[Dataset entries]
[Start of Attachment]
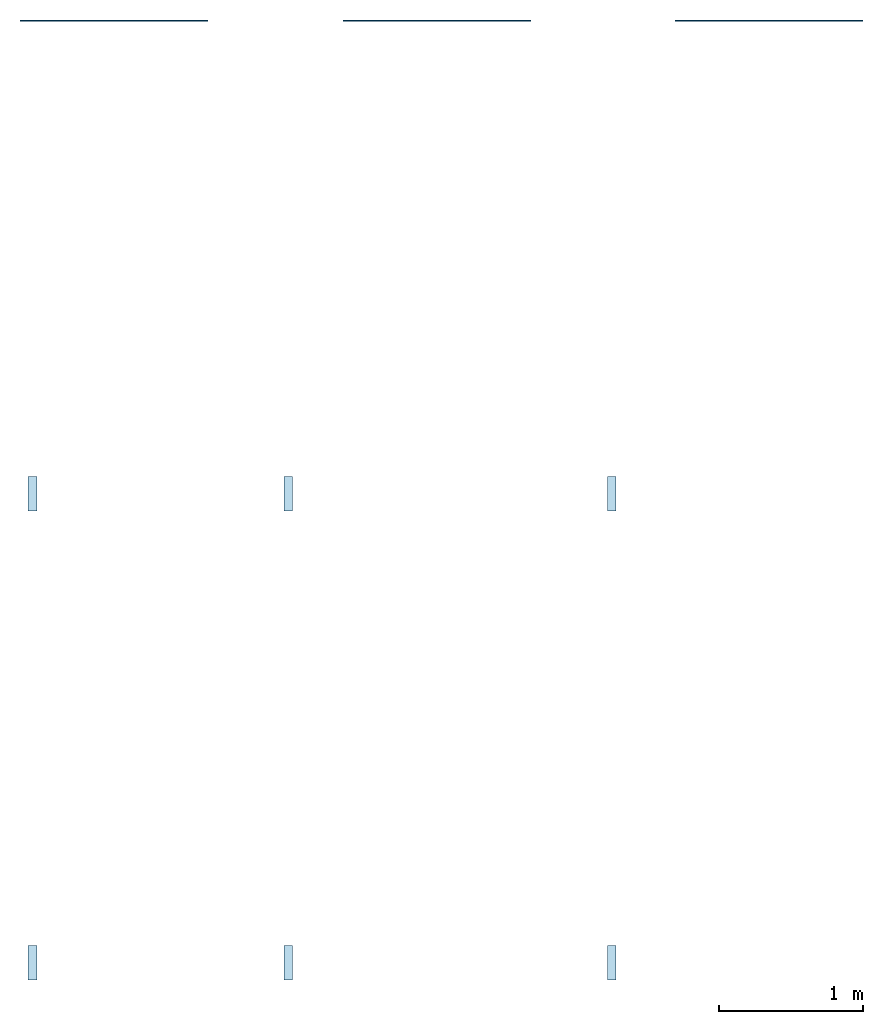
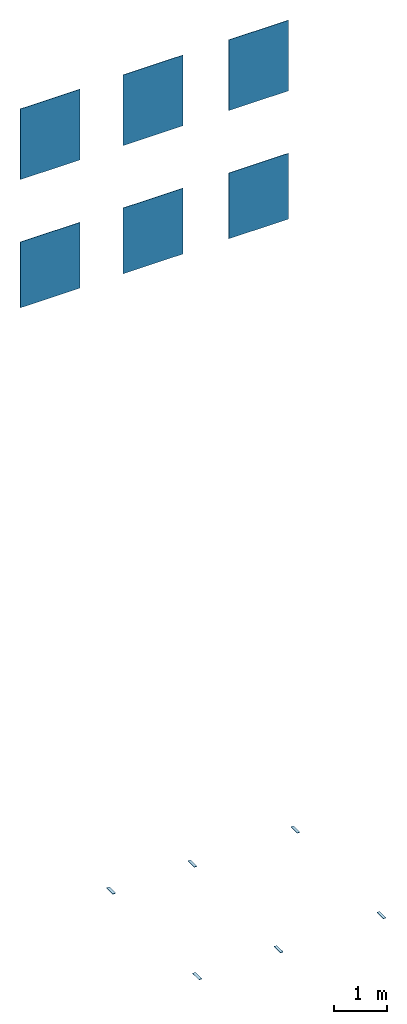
# One storey: 6 slabs, 6 walls.
"""IFC2X3 building model written with IfcOpenShell, lengths in millimetres."""

from ifc_helpers import new_model, entity, si_unit, converted_unit, derived_unit, direction, frame, frame_2d, origin, origin_2d_with_axis, place, context, subcontext, project, spatial, rectangle, extrude, material, layer, layer_set, layer_usage, type_object, element, save


model = new_model("IFC2X3")

# Units and contexts
model_context = context("Model", 3, precision=0.01, world=origin(), true_north=direction((6.123031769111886e-17, 1.0)))
body_context = subcontext(model_context, "Body", "Model", "MODEL_VIEW")
ifc_project = project(units=[si_unit("LENGTHUNIT", "METRE", prefix="MILLI"), si_unit("AREAUNIT", "SQUARE_METRE"), si_unit("VOLUMEUNIT", "CUBIC_METRE"), converted_unit("PLANEANGLEUNIT", "DEGREE", entity("IfcPlaneAngleMeasure", 0.017453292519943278), si_unit("PLANEANGLEUNIT", "RADIAN"), dimensions=[0, 0, 0, 0, 0, 0, 0]), si_unit("MASSUNIT", "GRAM", prefix="KILO"), derived_unit("MASSDENSITYUNIT", [(si_unit("MASSUNIT", "GRAM", prefix="KILO"), 1), (si_unit("LENGTHUNIT", "METRE"), -3)]), derived_unit("IONCONCENTRATIONUNIT", [(si_unit("MASSUNIT", "GRAM", prefix="KILO"), 1), (si_unit("LENGTHUNIT", "METRE"), -3)]), derived_unit("MOMENTOFINERTIAUNIT", [(si_unit("LENGTHUNIT", "METRE"), 4)]), si_unit("TIMEUNIT", "SECOND"), si_unit("FREQUENCYUNIT", "HERTZ"), si_unit("THERMODYNAMICTEMPERATUREUNIT", "DEGREE_CELSIUS"), derived_unit("THERMALTRANSMITTANCEUNIT", [(si_unit("MASSUNIT", "GRAM", prefix="KILO"), 1), (si_unit("THERMODYNAMICTEMPERATUREUNIT", "KELVIN"), -1), (si_unit("TIMEUNIT", "SECOND"), -3)]), derived_unit("THERMALCONDUCTANCEUNIT", [(si_unit("MASSUNIT", "GRAM", prefix="KILO"), 1), (si_unit("THERMODYNAMICTEMPERATUREUNIT", "KELVIN"), -1), (si_unit("TIMEUNIT", "SECOND"), -3), (si_unit("LENGTHUNIT", "METRE"), 1)]), derived_unit("VOLUMETRICFLOWRATEUNIT", [(si_unit("LENGTHUNIT", "METRE", prefix="DECI"), 3), (si_unit("TIMEUNIT", "SECOND"), -1)]), derived_unit("MASSFLOWRATEUNIT", [(si_unit("MASSUNIT", "GRAM", prefix="KILO"), 1), (si_unit("TIMEUNIT", "SECOND"), -1)]), derived_unit("ROTATIONALFREQUENCYUNIT", [(si_unit("TIMEUNIT", "SECOND"), -1)]), si_unit("ELECTRICCURRENTUNIT", "AMPERE"), si_unit("ELECTRICVOLTAGEUNIT", "VOLT"), si_unit("POWERUNIT", "WATT"), si_unit("FORCEUNIT", "NEWTON", prefix="KILO"), si_unit("ILLUMINANCEUNIT", "LUX"), si_unit("LUMINOUSFLUXUNIT", "LUMEN"), si_unit("LUMINOUSINTENSITYUNIT", "CANDELA"), si_unit("ENERGYUNIT", "JOULE"), derived_unit("USERDEFINED", [(si_unit("MASSUNIT", "GRAM", prefix="KILO"), -1), (si_unit("LENGTHUNIT", "METRE"), -2), (si_unit("TIMEUNIT", "SECOND"), 3), (si_unit("LUMINOUSFLUXUNIT", "LUMEN"), 1)]), derived_unit("USERDEFINED", [(si_unit("MASSUNIT", "GRAM", prefix="KILO"), 1), (si_unit("TIMEUNIT", "SECOND"), -3), (si_unit("LENGTHUNIT", "METRE"), 3), (si_unit("ELECTRICCURRENTUNIT", "AMPERE"), -2)]), derived_unit("SOUNDPOWERUNIT", [(si_unit("MASSUNIT", "GRAM", prefix="KILO"), 1), (si_unit("TIMEUNIT", "SECOND"), -3), (si_unit("LENGTHUNIT", "METRE"), 2)]), derived_unit("SOUNDPRESSUREUNIT", [(si_unit("MASSUNIT", "GRAM", prefix="KILO"), 1), (si_unit("LENGTHUNIT", "METRE"), -1), (si_unit("TIMEUNIT", "SECOND"), -2)]), derived_unit("LINEARVELOCITYUNIT", [(si_unit("LENGTHUNIT", "METRE"), 1), (si_unit("TIMEUNIT", "SECOND"), -1)]), si_unit("PRESSUREUNIT", "PASCAL"), derived_unit("USERDEFINED", [(si_unit("MASSUNIT", "GRAM", prefix="KILO"), 1), (si_unit("LENGTHUNIT", "METRE"), -2), (si_unit("TIMEUNIT", "SECOND"), -2)]), derived_unit("LINEARFORCEUNIT", [(si_unit("MASSUNIT", "GRAM", prefix="KILO"), 1), (si_unit("TIMEUNIT", "SECOND"), -2)]), derived_unit("PLANARFORCEUNIT", [(si_unit("MASSUNIT", "GRAM", prefix="KILO"), 1), (si_unit("LENGTHUNIT", "METRE"), -1), (si_unit("TIMEUNIT", "SECOND"), -2)]), derived_unit("SPECIFICHEATCAPACITYUNIT", [(si_unit("THERMODYNAMICTEMPERATUREUNIT", "KELVIN"), -1), (si_unit("LENGTHUNIT", "METRE"), 2), (si_unit("TIMEUNIT", "SECOND"), -2)]), derived_unit("HEATFLUXDENSITYUNIT", [(si_unit("MASSUNIT", "GRAM", prefix="KILO"), 1), (si_unit("TIMEUNIT", "SECOND"), -3)]), derived_unit("HEATINGVALUEUNIT", [(si_unit("LENGTHUNIT", "METRE"), 2), (si_unit("TIMEUNIT", "SECOND"), -2)]), derived_unit("VAPORPERMEABILITYUNIT", [(si_unit("LENGTHUNIT", "METRE"), -1), (si_unit("TIMEUNIT", "SECOND"), 1)]), derived_unit("DYNAMICVISCOSITYUNIT", [(si_unit("MASSUNIT", "GRAM", prefix="KILO"), 1), (si_unit("TIMEUNIT", "SECOND"), -1), (si_unit("LENGTHUNIT", "METRE"), -1)]), derived_unit("THERMALEXPANSIONCOEFFICIENTUNIT", [(si_unit("THERMODYNAMICTEMPERATUREUNIT", "KELVIN"), -1)]), derived_unit("MODULUSOFELASTICITYUNIT", [(si_unit("MASSUNIT", "GRAM", prefix="KILO"), 1), (si_unit("LENGTHUNIT", "METRE"), -1), (si_unit("TIMEUNIT", "SECOND"), -2)]), derived_unit("ISOTHERMALMOISTURECAPACITYUNIT", [(si_unit("MASSUNIT", "GRAM", prefix="KILO"), -1), (si_unit("LENGTHUNIT", "METRE"), 3)]), derived_unit("MOISTUREDIFFUSIVITYUNIT", [(si_unit("TIMEUNIT", "SECOND"), -1), (si_unit("LENGTHUNIT", "METRE"), 2)]), derived_unit("MASSPERLENGTHUNIT", [(si_unit("MASSUNIT", "GRAM", prefix="KILO"), 1), (si_unit("LENGTHUNIT", "METRE"), -1)]), derived_unit("THERMALRESISTANCEUNIT", [(si_unit("MASSUNIT", "GRAM", prefix="KILO"), -1), (si_unit("TIMEUNIT", "SECOND"), 3), (si_unit("THERMODYNAMICTEMPERATUREUNIT", "KELVIN"), 1)]), derived_unit("ACCELERATIONUNIT", [(si_unit("LENGTHUNIT", "METRE"), 1), (si_unit("TIMEUNIT", "SECOND"), -2)]), derived_unit("ANGULARVELOCITYUNIT", [(si_unit("TIMEUNIT", "SECOND"), -1), (si_unit("PLANEANGLEUNIT", "RADIAN"), 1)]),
[End of Attachment]
Write only the number of lines above in which the word "direction" is found.

2